Solidarité

Le Tchad mutilé par l’autoritarisme

Aucun dialogue véritable ni transition démocratique n’a lieu au Tchad depuis la prise du pouvoir par le fils d’Idriss Déby, analyse Delphine Djiraibé, lauréate du Prix Martin Ennals cette année.
Le Tchad mutilé par l’autoritarisme
Emmanuel Macron aux côtés de Mahamat Idriss Déby, le fils d’Idriss Déby, lors des funérailles de son père en avril 2021. KEYSTONE
Tchad

Depuis plus de trente ans, elle lutte sans relâche pour les droits humains et la démocratie au Tchad. En tant qu’une des toutes premières femmes avocates de son pays, Delphine Djiraibé a accompagné la chute du terrible dictateur Hissène Habré en 1990, puis assisté à l’ouverture des prisons de la police politique où étaient incarcérés ses camarades: «On a dû les porter comme des bébés, ils n’avaient plus que la peau sous les os», se souvient celle qui a obtenu le prix Martin Ennals le 16 février dernier à Genève. Une récompense accordée par dix des plus importantes organisations mondiales de droits humains, avec le soutien de la Ville de Genève.

«C’est là que nous nous sommes dit, ‘plus jamais ça’ et nous avons fondé notre première association pour les droits humains, qui a obtenu des bons résultats dans les années 1990», raconte la militante. Malheureusement, les progrès n’ont pas duré et le pays a récemment sombré encore un peu plus dans l’autoritarisme après la prise du pouvoir en avril 2021 de Mahamat Idriss Déby, le fils d’Idriss Déby Itno, à la tête de l’Etat pendant trente et un ans. Pour Le Courrier, Delphine Djiraibé, fondatrice de l’ONG Public Interest Law Center (PILC), analyse la situation actuelle et l’histoire récente de son pays.
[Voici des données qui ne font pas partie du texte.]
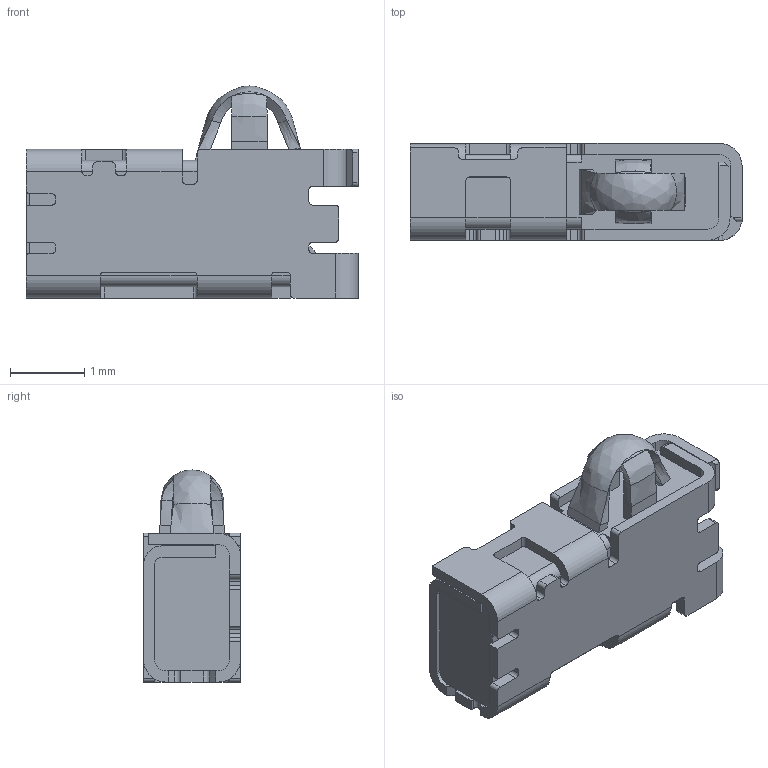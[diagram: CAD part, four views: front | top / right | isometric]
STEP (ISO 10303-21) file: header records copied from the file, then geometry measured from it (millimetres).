
FILE_DESCRIPTION((''),'2;1');
FILE_NAME('ASM0012_ASM','2022-04-26T',('Moriguchi'),(''),'CREO PARAMETRIC BY PTC INC, 2014500','CREO PARAMETRIC BY PTC INC, 2014500','');
FILE_SCHEMA(('CONFIG_CONTROL_DESIGN'));
Products named in the file (2): 3D-2014012-0A-00; ASM0012_ASM
Assembly tree (1 placements, depth 2):
  ASM0012_ASM
    3D-2014012-0A-00
Bounding box: 4.46 x 1.3 x 2.85 mm (x, y, z)
Volume: 10 mm3; surface area: 43.2 mm2
Topology: 1 solids, 1 shells, 287 faces, 775 edges, 489 vertices
Faces by surface type: plane 150, cylinder 95, bspline 34, cone 8
Entity records: 10220 total; most frequent: CARTESIAN_POINT 3015, ORIENTED_EDGE 1550, DIRECTION 1433, EDGE_CURVE 775, VECTOR 507, LINE 507, VERTEX_POINT 489, AXIS2_PLACEMENT_3D 463

Comment a évolué la situation des droits humains au Tchad depuis 2021?

Delphine Djiraibé: C’est pire encore. Le 20 octobre dernier, c’était un jeudi noir: une terrible répression s’est abattue sur les Tchadiens. Une manifestation a dénoncé les résultats de la récente Conférence nationale. Celle-ci a abouti à la prolongation de deux ans de la période de transition menant aux élections, laquelle a déjà duré près de deux ans. Non seulement les militaires vont rester au pouvoir mais le président Mahamat Idriss Déby (Kaka) pourra se présenter aux élections, ce qui va à l’encontre des règles de l’Union africaine (OUA).

Les jeunes Tchadiens sont sortis dans la rue. La manifestation a été réprimée dans le sang. Comme la veille au soir déjà: des camionnettes non immatriculées ont fait irruption dans les quartiers tenus par l’opposition et ont mitraillé les personnes se trouvant à l’extérieur. Il y a eu au moins 100 morts ces deux jours-là. Peut être beaucoup plus. Et l’armée ne s’est pas contentée de tirer sur la foule pacifique: des militaires sont entrés dans des maisons où des jeunes s’étaient réfugiés en fuyant les balles, les ont sortis de dessous les lits où il se cachaient et les ont exécutés.

Quel est l’objectif de la répression actuelle?

Le but est de terroriser la population. Nous faisons face à un terrorisme d’Etat. Aujourd’hui, tous ceux qui sont identifiés comme des opposants sont pourchassés, même dans les villages, où on menace et soudoie les chefs pour qu’ils livrent les militants cachés. Des centaines d’entre eux croupissent en prison sans autre forme de procès. Quand je vais m’enquérir pour eux auprès de la justice, on m’envoie balader. La justice est sous la coupe du régime. On dénombre aussi de nombreux disparus.

Quelle a été la réaction de la communauté internationale, en particulier de la France?

Après trente ans de plaidoyer pour les droits humains, je me rends compte qu’il est peine perdue d’attendre que la France fasse quoi que ce soit en faveur de la population tchadienne. L’ancienne puissance coloniale continue à poursuivre son seul et unique intérêt à court terme. Et, malheureusement, la communauté internationale continue à considérer que le Tchad est le pré carré de la France. C’est ce qu’on nous répond à Bruxelles ou à Berlin quand on demande une réaction. La France soutient sans réserves le régime Déby. Elle a porté le président Déby père jusqu’à sa mort, puis Emmanuel Macron est venu en personne à Djamena pour adouber le fils et dire que quiconque s’en prendrait à lui le rencontrerait sur son chemin.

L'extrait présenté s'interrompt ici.